Which lines in the records below hold the word "drawing"? Copy each of them.

(Excerpts from a dataset)
------------------------

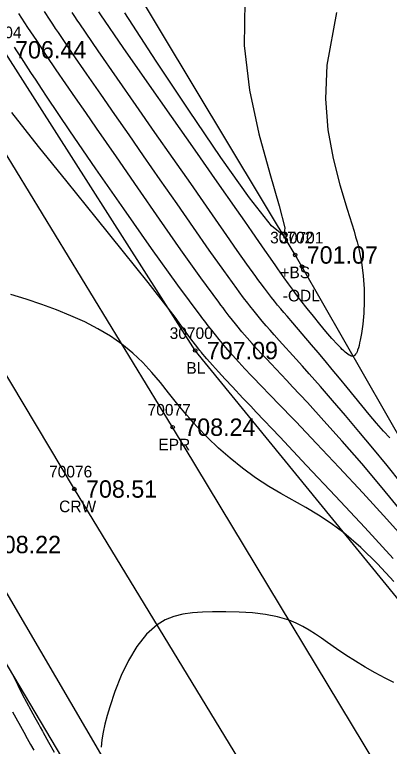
# Model space of a CAD drawing. Extents: x 1376587 to 1378239, y 1000335 to 1003031.
# Drawn here: x 1377497.4 to 1377529.7, y 1001412.8 to 1001475.9 of the extents above; entities that cross this region are included whole.
import ezdxf

# ---------------------------------------------------------------- set-up
doc = ezdxf.new("R2010")
doc.units = 0
for name, color, linetype in [('RD_DTM_BkLn1', 7, 'Continuous'), ('RD_DTM_BkLn2', 7, 'Continuous'), ('RD_DTM_BkLn_txCode', 7, 'Continuous'), ('RD_DTM_Major1', 7, 'Continuous'), ('RD_DTM_Minor1', 7, 'Continuous'), ('RD_EX_H2O', 7, 'Continuous'), ('RD_EX_H2O_txCode', 7, 'Continuous'), ('RD_EX_Road', 7, 'Continuous'), ('RD_EX_Road_txCode', 7, 'Continuous'), ('RD_EX_TX_Misc_ELEV', 7, 'Continuous'), ('RD_EX_TX_Road_ELEV', 7, 'Continuous'), ('RD_HC_Survey_ELEV', 7, 'Continuous'), ('RD_HC_Survey_txCode', 7, 'Continuous'), ('RD_SMD_Locator', 7, 'Continuous')]:
    doc.layers.add(name, color=color, linetype=linetype)

msp = doc.modelspace()

# ---------------------------------------------------------------- linework, layer by layer
at = {"layer": 'RD_DTM_BkLn1'}
for points in [[(1377890.868, 1000795.129), (1377889.749, 1000797.087), (1377860.86, 1000844.28), (1377837.196, 1000883.192), (1377805.553, 1000935.317), (1377771.668, 1000991.278), (1377739.468, 1001043.278), (1377708.639, 1001094.776), (1377678.486, 1001143.971), (1377648.112, 1001195.099), (1377620.705, 1001239.285), (1377591.743, 1001287.408), (1377561.783, 1001336.408), (1377531.285, 1001387.734), (1377502.544, 1001434.976), (1377471.981, 1001486.194), (1377441.275, 1001536.578), (1377411.042, 1001586.416), (1377380.15, 1001637.788)], [(1377581.335, 1001481.384), (1377572.966, 1001473.915), (1377568.776, 1001459.516), (1377561.131, 1001447.803), (1377550.371, 1001432.338), (1377544.546, 1001421.998), (1377539.314, 1001418.41), (1377535.53, 1001419.234), (1377512.95, 1001446.916), (1377496.428, 1001472.847), (1377478.976, 1001504.461), (1377457.669, 1001538.454), (1377441.546, 1001564.507), (1377435.353, 1001576.38), (1377438.818, 1001588.007), (1377442.54, 1001591.147), (1377470.062, 1001604.722)]]:
    msp.add_lwpolyline(points, dxfattribs=at)
at = {"layer": 'RD_DTM_BkLn2'}
msp.add_lwpolyline([(1377363.04, 1001638.463), (1377361.246, 1001636.243), (1377387.71, 1001594.226), (1377407.172, 1001565.016), (1377420.745, 1001544.524), (1377441.371, 1001508.673), (1377461.132, 1001479.016), (1377484.313, 1001440.71), (1377503.742, 1001407.975), (1377518.283, 1001383.961), (1377528.112, 1001362.148), (1377529.648, 1001353.442)], dxfattribs=at)
at = {"layer": 'RD_DTM_Major1'}
msp.add_lwpolyline([(1377530.896, 1001432.839), (1377529.068, 1001435.073), (1377527.299, 1001437.163), (1377525.617, 1001439.096), (1377524.048, 1001440.854), (1377522.617, 1001442.423), (1377521.351, 1001443.787), (1377520.84, 1001444.33), (1377520.364, 1001444.835), (1377519.917, 1001445.309), (1377519.494, 1001445.757), (1377519.09, 1001446.186), (1377518.701, 1001446.602), (1377518.272, 1001447.067), (1377517.849, 1001447.535), (1377517.423, 1001448.019), (1377516.987, 1001448.53), (1377516.534, 1001449.079), (1377516.055, 1001449.678), (1377515.886, 1001449.893), (1377515.714, 1001450.116), (1377515.537, 1001450.347), (1377515.356, 1001450.585), (1377515.169, 1001450.832), (1377514.978, 1001451.087), (1377513.45, 1001453.177), (1377511.723, 1001455.602), (1377509.879, 1001458.236), (1377507.999, 1001460.948), (1377506.162, 1001463.61), (1377504.451, 1001466.094), (1377503.525, 1001467.434), (1377502.653, 1001468.699), (1377501.813, 1001469.92), (1377500.986, 1001471.13), (1377500.154, 1001472.358), (1377499.296, 1001473.639), (1377499.051, 1001474.008), (1377498.801, 1001474.384), (1377498.547, 1001474.769), (1377498.288, 1001475.162), (1377498.024, 1001475.565), (1377497.753, 1001475.978)], dxfattribs=at)
at = {"layer": 'RD_DTM_Minor1'}
for points in [[(1377517.242, 1001477.002), (1377517.169, 1001473.227), (1377517.629, 1001469.372), (1377518.443, 1001465.599), (1377519.378, 1001462.182), (1377520.201, 1001459.394), (1377520.679, 1001457.509), (1377520.578, 1001456.8), (1377519.522, 1001457.68), (1377517.627, 1001460.086), (1377515.162, 1001463.559), (1377512.398, 1001467.641), (1377509.605, 1001471.875), (1377506.898, 1001476.041)], [(1377530.729, 1001435.454), (1377529.484, 1001437.005), (1377528.263, 1001438.503), (1377527.064, 1001439.947), (1377525.901, 1001441.325), (1377524.789, 1001442.621), (1377523.742, 1001443.824), (1377522.775, 1001444.918), (1377522.196, 1001445.566), (1377521.653, 1001446.169), (1377520.198, 1001447.778), (1377519.758, 1001448.27), (1377519.407, 1001448.665), (1377519.063, 1001449.059), (1377518.721, 1001449.459), (1377518.377, 1001449.871), (1377518.026, 1001450.303), (1377517.664, 1001450.76), (1377517.488, 1001450.987), (1377517.123, 1001451.465), (1377516.739, 1001451.979), (1377516.538, 1001452.251), (1377515.415, 1001453.804), (1377514.159, 1001455.578), (1377512.806, 1001457.514), (1377511.39, 1001459.553), (1377509.945, 1001461.639), (1377508.507, 1001463.712), (1377507.257, 1001465.506), (1377506.03, 1001467.265), (1377504.817, 1001469.007), (1377503.608, 1001470.754), (1377502.395, 1001472.525), (1377501.168, 1001474.341), (1377500.931, 1001474.695), (1377500.692, 1001475.052), (1377500.453, 1001475.413), (1377499.968, 1001476.145)], [(1377529.735, 1001439.391), (1377529.182, 1001439.97), (1377528.582, 1001440.657), (1377527.952, 1001441.411), (1377527.319, 1001442.178), (1377526.035, 1001443.742), (1377525.395, 1001444.521), (1377524.764, 1001445.284), (1377524.148, 1001446.023), (1377523.545, 1001446.737), (1377522.963, 1001447.419), (1377521.355, 1001449.292), (1377520.867, 1001449.865), (1377520.592, 1001450.192), (1377520.323, 1001450.515), (1377520.059, 1001450.836), (1377519.797, 1001451.159), (1377519.537, 1001451.487), (1377519.275, 1001451.824), (1377519.099, 1001452.054), (1377518.921, 1001452.291), (1377518.555, 1001452.785), (1377518.365, 1001453.044), (1377518.171, 1001453.313), (1377517.415, 1001454.37), (1377516.583, 1001455.551), (1377515.679, 1001456.847), (1377514.707, 1001458.248), (1377513.669, 1001459.742), (1377512.569, 1001461.32), (1377511.06, 1001463.477), (1377509.48, 1001465.729), (1377507.858, 1001468.046), (1377506.22, 1001470.398), (1377504.594, 1001472.755), (1377503.008, 1001475.087), (1377502.791, 1001475.409), (1377502.576, 1001475.73), (1377502.361, 1001476.05)], [(1377525.13, 1001476.068), (1377524.289, 1001471.517), (1377524.18, 1001468.629), (1377524.394, 1001465.952), (1377524.84, 1001463.478), (1377525.425, 1001461.199), (1377526.057, 1001459.107), (1377526.644, 1001457.195), (1377526.776, 1001456.732), (1377526.899, 1001456.278), (1377527.011, 1001455.832), (1377527.113, 1001455.394), (1377527.204, 1001454.96), (1377527.282, 1001454.531), (1377527.438, 1001453.361), (1377527.512, 1001452.225), (1377527.519, 1001451.142), (1377527.473, 1001450.129), (1377527.387, 1001449.202), (1377527.275, 1001448.378), (1377527.227, 1001448.089), (1377527.177, 1001447.819), (1377527.125, 1001447.569), (1377527.07, 1001447.341), (1377527.013, 1001447.135), (1377526.953, 1001446.952), (1377526.899, 1001446.812), (1377526.841, 1001446.692), (1377526.779, 1001446.592), (1377526.713, 1001446.515), (1377526.64, 1001446.461), (1377526.561, 1001446.431), (1377526.482, 1001446.426), (1377526.397, 1001446.441), (1377526.306, 1001446.475), (1377526.208, 1001446.527), (1377526.104, 1001446.595), (1377525.993, 1001446.679), (1377525.878, 1001446.775), (1377525.757, 1001446.884), (1377525.629, 1001447.006), (1377525.496, 1001447.139), (1377525.357, 1001447.284), (1377525.212, 1001447.438), (1377524.737, 1001447.964), (1377524.222, 1001448.557), (1377523.684, 1001449.199), (1377523.136, 1001449.871), (1377522.593, 1001450.553), (1377522.069, 1001451.226), (1377521.88, 1001451.472), (1377521.695, 1001451.715), (1377521.337, 1001452.195), (1377520.989, 1001452.67), (1377520.63, 1001453.171), (1377520.269, 1001453.685), (1377520.084, 1001453.95), (1377519.895, 1001454.223), (1377519.448, 1001454.869), (1377518.966, 1001455.568), (1377518.441, 1001456.328), (1377517.868, 1001457.157), (1377517.238, 1001458.064), (1377516.546, 1001459.059), (1377514.86, 1001461.465), (1377512.948, 1001464.185), (1377510.899, 1001467.101), (1377508.804, 1001470.097), (1377506.75, 1001473.056), (1377504.829, 1001475.861), (1377504.647, 1001476.13)], [(1377531.468, 1001430.131), (1377529.457, 1001432.388), (1377527.4, 1001434.641), (1377525.363, 1001436.831), (1377523.412, 1001438.9), (1377521.612, 1001440.786), (1377520.028, 1001442.431), (1377519.608, 1001442.865), (1377519.21, 1001443.276), (1377518.832, 1001443.668), (1377518.47, 1001444.043), (1377518.121, 1001444.405), (1377517.784, 1001444.758), (1377517.237, 1001445.337), (1377516.7, 1001445.919), (1377516.158, 1001446.524), (1377515.6, 1001447.17), (1377515.01, 1001447.878), (1377514.378, 1001448.666), (1377514.232, 1001448.851), (1377514.084, 1001449.04), (1377513.934, 1001449.235), (1377513.78, 1001449.434), (1377513.623, 1001449.639), (1377513.463, 1001449.849), (1377511.465, 1001452.542), (1377509.195, 1001455.706), (1377506.793, 1001459.126), (1377504.401, 1001462.585), (1377502.16, 1001465.87), (1377500.21, 1001468.764), (1377499.71, 1001469.513), (1377499.242, 1001470.218), (1377498.802, 1001470.886), (1377498.385, 1001471.526), (1377497.984, 1001472.145), (1377497.596, 1001472.752), (1377497.388, 1001473.08)], [(1377530.025, 1001428.991), (1377527.564, 1001431.643), (1377525.032, 1001434.359), (1377522.549, 1001437.009), (1377520.239, 1001439.466), (1377518.221, 1001441.603), (1377517.977, 1001441.861), (1377517.74, 1001442.111), (1377517.287, 1001442.589), (1377517.07, 1001442.817), (1377516.157, 1001443.781), (1377515.524, 1001444.454), (1377514.952, 1001445.072), (1377514.431, 1001445.649), (1377513.952, 1001446.2), (1377513.479, 1001446.771), (1377513.429, 1001446.833), (1377513.404, 1001446.865), (1377513.379, 1001446.896), (1377513.354, 1001446.927), (1377512.977, 1001447.415), (1377512.592, 1001447.927), (1377512.183, 1001448.482), (1377511.73, 1001449.097), (1377511.216, 1001449.787), (1377510.622, 1001450.569), (1377508.896, 1001452.778), (1377506.779, 1001455.427), (1377504.409, 1001458.368), (1377501.924, 1001461.449), (1377499.462, 1001464.521), (1377497.159, 1001467.433)], [(1377522.132, 1001454.19), (1377522.135, 1001454.192), (1377522.142, 1001454.189), (1377522.159, 1001454.174), (1377522.168, 1001454.165), (1377522.173, 1001454.155), (1377522.175, 1001454.148), (1377522.176, 1001454.143), (1377522.175, 1001454.137), (1377522.173, 1001454.133), (1377522.171, 1001454.129), (1377522.169, 1001454.127), (1377522.168, 1001454.125), (1377522.166, 1001454.125), (1377522.165, 1001454.125), (1377522.164, 1001454.127), (1377522.162, 1001454.13), (1377522.159, 1001454.134), (1377522.158, 1001454.136), (1377522.156, 1001454.139), (1377522.155, 1001454.142), (1377522.153, 1001454.144), (1377522.151, 1001454.146), (1377522.148, 1001454.154), (1377522.143, 1001454.163), (1377522.138, 1001454.172), (1377522.133, 1001454.181), (1377522.131, 1001454.187), (1377522.132, 1001454.19)], [(1377530.08, 1001427.005), (1377528.676, 1001428.511), (1377527.234, 1001429.932), (1377525.772, 1001431.196), (1377524.668, 1001432.012), (1377523.567, 1001432.729), (1377522.474, 1001433.375), (1377520.335, 1001434.576), (1377519.3, 1001435.191), (1377518.143, 1001435.952), (1377517.03, 1001436.766), (1377515.967, 1001437.623), (1377514.959, 1001438.51), (1377514.011, 1001439.416), (1377513.127, 1001440.331), (1377512.813, 1001440.673), (1377512.508, 1001441.016), (1377512.209, 1001441.361), (1377511.915, 1001441.708), (1377511.625, 1001442.059), (1377511.337, 1001442.413), (1377510.653, 1001443.273), (1377509.954, 1001444.148), (1377509.22, 1001445.021), (1377508.435, 1001445.878), (1377507.58, 1001446.702), (1377506.637, 1001447.479), (1377505.646, 1001448.163), (1377504.572, 1001448.794), (1377503.431, 1001449.377), (1377502.236, 1001449.918), (1377501.003, 1001450.421), (1377499.744, 1001450.891), (1377498.39, 1001451.354), (1377497.057, 1001451.741)], [(1377530.069, 1001418.304), (1377529.327, 1001418.661), (1377528.465, 1001419.116), (1377527.613, 1001419.606), (1377526.772, 1001420.12), (1377525.948, 1001420.651), (1377525.144, 1001421.191), (1377524.363, 1001421.73), (1377523.833, 1001422.101), (1377523.307, 1001422.46), (1377522.775, 1001422.802), (1377522.226, 1001423.12), (1377521.651, 1001423.407), (1377521.04, 1001423.656), (1377520.06, 1001423.948), (1377519.003, 1001424.156), (1377517.89, 1001424.292), (1377516.746, 1001424.368), (1377515.593, 1001424.397), (1377514.452, 1001424.39), (1377513.572, 1001424.363), (1377512.719, 1001424.301), (1377511.897, 1001424.182), (1377511.111, 1001423.985), (1377510.365, 1001423.689), (1377509.664, 1001423.273), (1377508.748, 1001422.452), (1377507.93, 1001421.405), (1377507.207, 1001420.195), (1377506.578, 1001418.882), (1377506.041, 1001417.529), (1377505.594, 1001416.197), (1377505.369, 1001415.436), (1377505.179, 1001414.706), (1377505.027, 1001414.009), (1377504.914, 1001413.345), (1377504.845, 1001412.717)], [(1377497.24, 1001418.93), (1377497.662, 1001418.073), (1377498.056, 1001417.296), (1377498.428, 1001416.584), (1377498.786, 1001415.918), (1377499.134, 1001415.282), (1377499.48, 1001414.659), (1377499.541, 1001414.548), (1377499.603, 1001414.437), (1377499.789, 1001414.103), (1377499.852, 1001413.99), (1377500.319, 1001413.149), (1377500.802, 1001412.273)], [(1377497.218, 1001415.763), (1377498.185, 1001414.012), (1377498.482, 1001413.475), (1377498.768, 1001412.957), (1377499.045, 1001412.454)]]:
    msp.add_lwpolyline(points, dxfattribs=at)
at = {"layer": 'RD_EX_H2O'}
msp.add_line((1377540.649, 1001421.744), (1377522.156, 1001454.15), dxfattribs=at)
msp.add_lwpolyline([(1377522.156, 1001454.15), (1377521.564, 1001455.155), (1377507.147, 1001479.21), (1377489.907, 1001512.216), (1377468.669, 1001546.858), (1377452.551, 1001575.953), (1377449.099, 1001585.582)], dxfattribs=at)
at = {"layer": 'RD_EX_Road'}
for points in [[(1377899.668, 1000800.294), (1377898.717, 1000801.843), (1377870.308, 1000849.935), (1377847.281, 1000887.888), (1377815.153, 1000940.575), (1377781.512, 1000995.259), (1377748.623, 1001049.208), (1377716.579, 1001099.532), (1377686.671, 1001148.78), (1377656.469, 1001199.107), (1377629.542, 1001244.184), (1377599.886, 1001292.672), (1377570.873, 1001341.428), (1377539.828, 1001392.468), (1377511.01, 1001440.306), (1377480.717, 1001489.998), (1377449.725, 1001541.494), (1377420.899, 1001591.946), (1377390.45, 1001644.414)], [(1377883.752, 1000788.501), (1377882.63, 1000790.224), (1377852.259, 1000839.599), (1377828.464, 1000879.313), (1377796.997, 1000930.663), (1377763.067, 1000986.649), (1377731.866, 1001037.813), (1377700.311, 1001089.979), (1377670.429, 1001138.24), (1377639.732, 1001190.031), (1377611.891, 1001234.227), (1377582.777, 1001282.571), (1377552.217, 1001331.03), (1377522.243, 1001382.346), (1377494.257, 1001430.189), (1377463.172, 1001481.135), (1377433.415, 1001531.286), (1377403.141, 1001580.977), (1377371.36, 1001632.192)]]:
    msp.add_lwpolyline(points, dxfattribs=at)
at = {"layer": 'RD_SMD_Locator'}
for centre in [(1377521.564, 1001455.155), (1377522.156, 1001454.15), (1377512.95, 1001446.916), (1377511.01, 1001440.306), (1377502.544, 1001434.976)]:
    msp.add_circle(centre, 0.15, dxfattribs=at)

# ---------------------------------------------------------------- texts
at = {"layer": 'RD_DTM_BkLn_txCode'}
for s, p in [('30704', (1377494.271, 1001473.847)), ('30702', (1377519.407, 1001456.155)), ('+BS', (1377520.296, 1001453.155)), ('30700', (1377510.753, 1001447.916)), ('BL', (1377512.194, 1001444.916))]:
    msp.add_text(s, height=1, dxfattribs=at).set_placement(p)
at = {"layer": 'RD_EX_H2O_txCode'}
for s, p in [('30701', (1377520.282, 1001456.15)), ('-ODL', (1377520.502, 1001451.15))]:
    msp.add_text(s, height=1, dxfattribs=at).set_placement(p)
at = {"layer": 'RD_EX_Road_txCode'}
for s, p in [('70077', (1377508.853, 1001441.306)), ('EPR', (1377509.782, 1001438.306))]:
    msp.add_text(s, height=1, dxfattribs=at).set_placement(p)
at = {"layer": 'RD_EX_TX_Misc_ELEV'}
for s, p in [('706.44', (1377497.428, 1001472.097)), ('701.07', (1377522.564, 1001454.405)), ('707.09', (1377513.95, 1001446.166))]:
    msp.add_text(s, height=1.5, dxfattribs=at).set_placement(p)
at = {"layer": 'RD_EX_TX_Road_ELEV'}
for s, p in [('708.24', (1377512.01, 1001439.556)), ('708.22', (1377495.257, 1001429.439))]:
    msp.add_text(s, height=1.5, dxfattribs=at).set_placement(p)
at = {"layer": 'RD_HC_Survey_ELEV'}
msp.add_text('708.51', height=1.5, dxfattribs=at).set_placement((1377503.544, 1001434.226))
at = {"layer": 'RD_HC_Survey_txCode'}
for s, p in [('70076', (1377500.363, 1001435.976)), ('CRW', (1377501.229, 1001432.976))]:
    msp.add_text(s, height=1, dxfattribs=at).set_placement(p)

doc.saveas('drawing.dxf')

------------------------

- [Answer space]:
# Model space of a CAD drawing. Extents: x 1376587 to 1378239, y 1000335 to 1003031.
doc.saveas('drawing.dxf')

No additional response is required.